Pencetus istilah ini adalah ekonom Inggris Jim O'Neill. Mantan eksekutif Goldman Sachs itu pada 2001 memperkenalkan istilah "BRIC," yaitu gabungan dari Brazil, Rusia, India, dan China.
Empat negara BRIC, menurut O'Neill pada saat itu, diyakini berpotensi menjadi kekuatan ekonomi baru sekaligus memberi pengaruh bagi perekonomian dunia. Banyak ekonom dan pejabat setuju dengan O''Neill karena BRIC kini menjadi kekuatan lobi berpengaruh dalam Organisasi Perdagangan Dunia (WTO) dan China telah menjelma jadi raksasa ekonomi terbesar kedua yang juga diprediksi mampu melampaui AS dalam beberapa tahun ke depan.
Kini, O'Neill menyaksikan empat negara berkembang dari gelombang baru yang mulai mengikuti jejak-jejak BRIC. Itulah yang dia sebut sebagai MINT. Seperti BRIC, empat negara MINT ini tidak membentuk suatu aliansi khusus, namun bila terus mempertahankan atau meningkatkan performa ekonomi masing-masing hingga 2050, mereka bisa masuk sebagai kelompok negara maju.
Dalam ulasannya di BBC, O'Neill memaparkan mengapa empat negara dari kelompok MINT bisa menjadi raksasa baru ekonomi dunia dalam 30-40 tahun depan. Ada empat faktor mendasar yang menjadi senjata andalan MINT, yaitu punya populasi muda yang banyak untuk menjadi angkatan kerja yang produktif, posisi negara masing-masing yang sangat strategis, dan (kecuali Turki) punya sumber daya alam yang melimpah dan belum diolah secara optimal.
Bagi O'Neill, elemen-elemen demografi dan geostrategi itulah yang membuat iri banyak pihak, terutama negara-negara maju.
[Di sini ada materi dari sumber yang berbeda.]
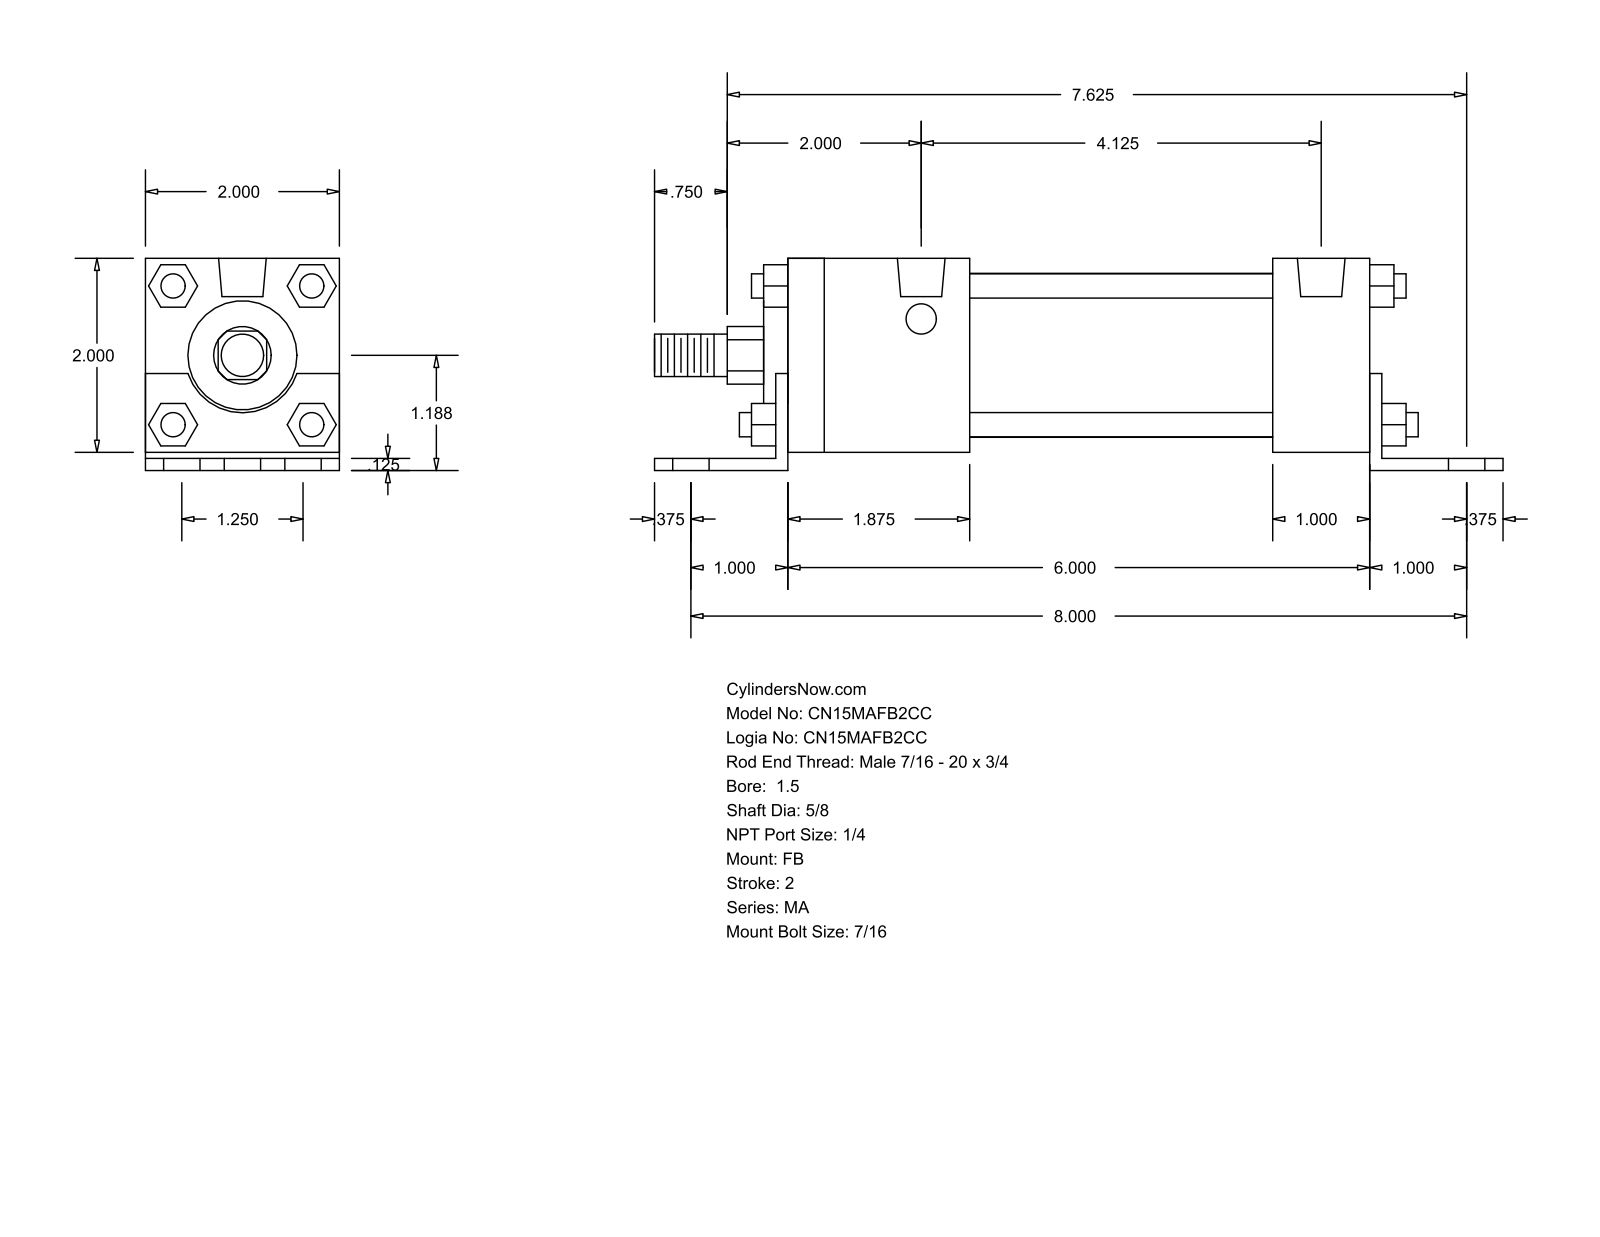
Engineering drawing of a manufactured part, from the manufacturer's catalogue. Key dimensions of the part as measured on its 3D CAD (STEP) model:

Mereka kini menghadapi makin banyak warga yang memasuki usia pensiun, yang tidak sebanding dengan proporsi jumlah angkatan muda, dan kian sulit mengamankan pasokan sumber daya alam di masa depan karena di negeri mereka tidak punya barang mentah yang bisa diproduksi alami.
"Jadi bila Meksiko, Indonesia, Nigeria, dan Turki bersama-sama tampil dengan baik, beberapa dari mereka bisa menyamai pertumbuhan ekonomi dua digit, seperti yang dinikmati China selama 2003-2008," kaya O'Neill.
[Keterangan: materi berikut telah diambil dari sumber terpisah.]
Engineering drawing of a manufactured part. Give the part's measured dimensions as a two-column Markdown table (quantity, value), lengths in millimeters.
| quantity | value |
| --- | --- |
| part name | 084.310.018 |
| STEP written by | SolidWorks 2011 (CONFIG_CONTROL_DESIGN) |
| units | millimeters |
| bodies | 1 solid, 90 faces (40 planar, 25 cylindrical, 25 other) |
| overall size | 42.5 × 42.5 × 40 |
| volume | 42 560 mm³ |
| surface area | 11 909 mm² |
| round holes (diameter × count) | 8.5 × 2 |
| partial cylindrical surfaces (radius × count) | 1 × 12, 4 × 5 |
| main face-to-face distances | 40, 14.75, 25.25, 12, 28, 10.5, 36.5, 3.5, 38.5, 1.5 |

Menteri Luar Negeri Meksiko, Jose Antonio Meade Kuribrena, menunjukkan bahwa negaranya beserta tiga ekonomi punya keuntungan geografis dalam peta perdagangan dunia. Meksiko tidak saja bertetangga dekat dengan AS, yang merupakan raksasa ekonomi nomor satu saat ini, namun juga penghubung bagi Amerika Latin.
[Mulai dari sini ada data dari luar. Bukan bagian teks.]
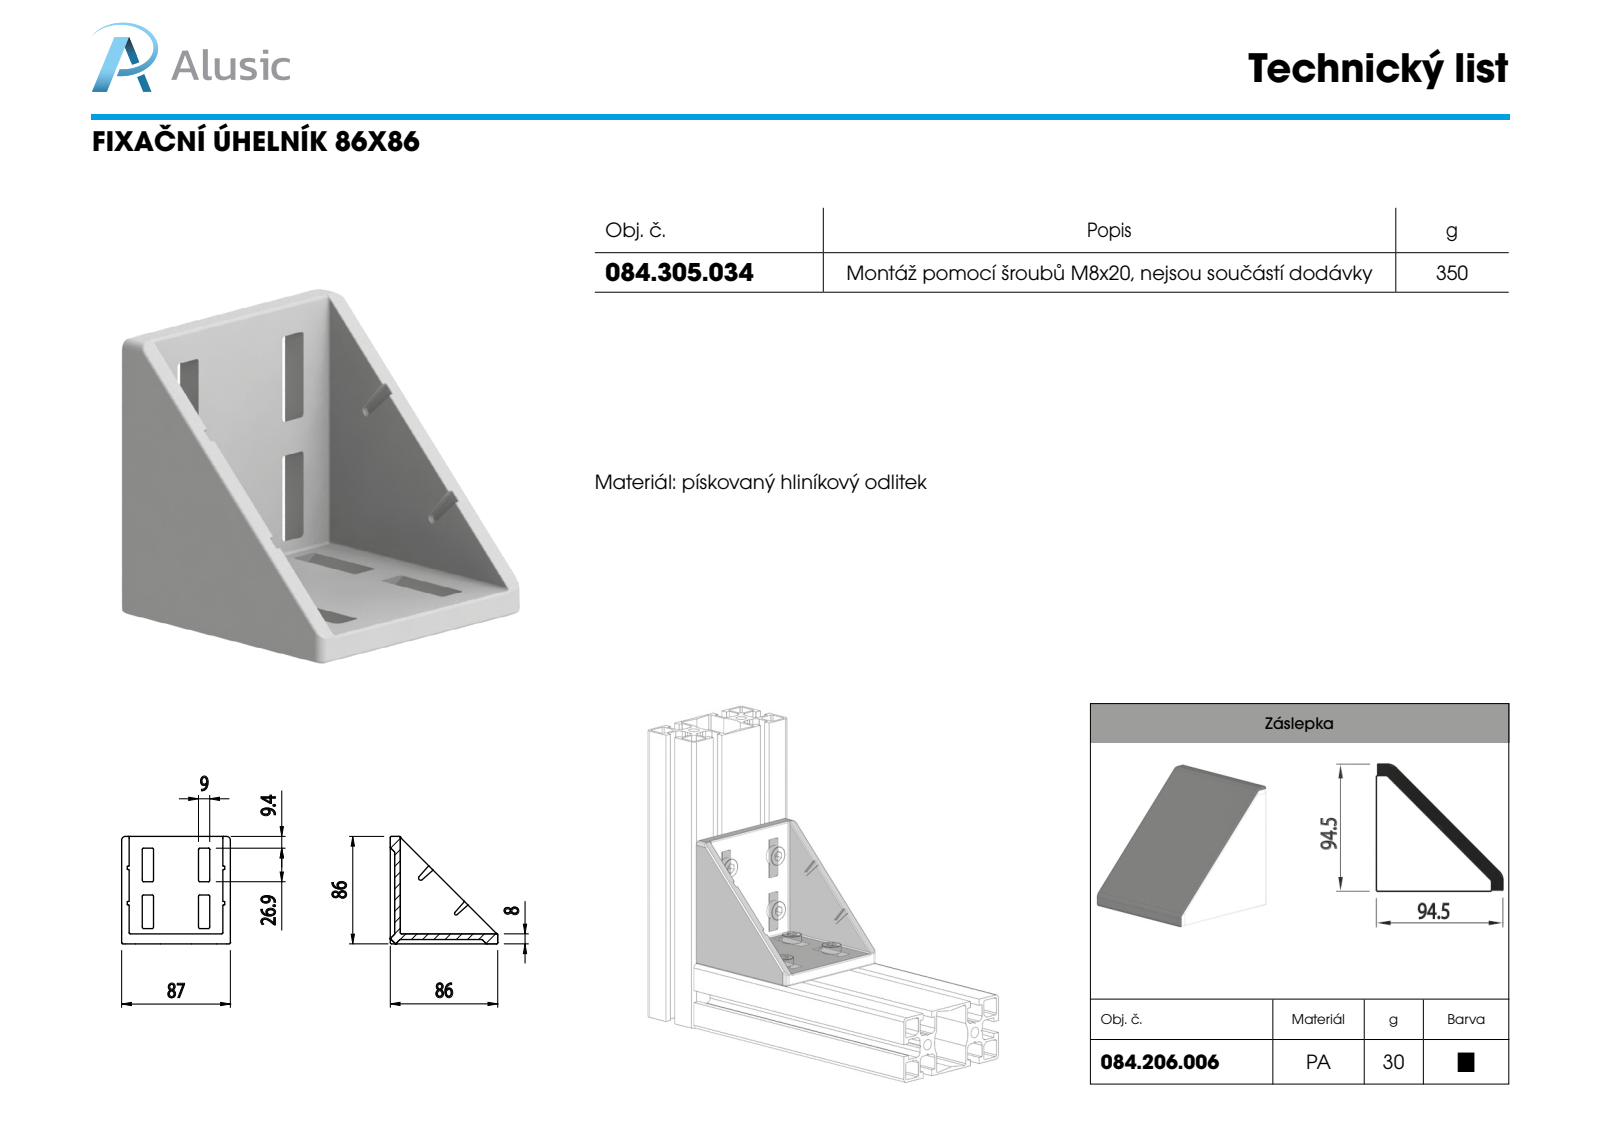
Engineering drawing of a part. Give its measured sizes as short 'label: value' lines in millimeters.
name: 084.305.034
written by: SolidWorks 2012 (CONFIG_CONTROL_DESIGN)
unit: mm
bodies: 1 solid, 722 faces (150 planar, 296 cylindrical, 276 other)
size: 87 × 86 × 86
volume: 106 685 mm³; area: 48 254 mm²
bosses: 12× ⌀4
rounds: 151× R0.5, 54× R1, 4× R3, 2× R1.25
face distances: 4.5, 6, 81, 87, 3.5, 8, 75, 45, 70.5, 25.5

Indonesia terletak di jantung Asia Tenggara selain menjadi titik temu bagi dua samudera dan dua benua. Selain itu, Indonesia kian erat menjalin hubungan dengan China, calon kekuatan nomor satu dunia.
Turki merupakan tempat pertemuan strategis bagi dunia Barat dan Timur. Di Afrika, Nigeria menjadi gerbang strategis di kawasan barat benua itu, namun posisinya baru bisa optimal bila para tetangganya berhenti berperang dan mulai saling berdagang.
Bagi O'Neill, keuntungan-keuntungan itu bisa menjadi basis bagi MINT untuk mengembangkan suatu persekutuan ekonomi-politik sendiri demi memperluas profil serta pengaruh mereka di panggung global. Ini sudah ditunjukkan para pemimpin BRIC, yang menggelar pertemuan tahunan sejak 2009.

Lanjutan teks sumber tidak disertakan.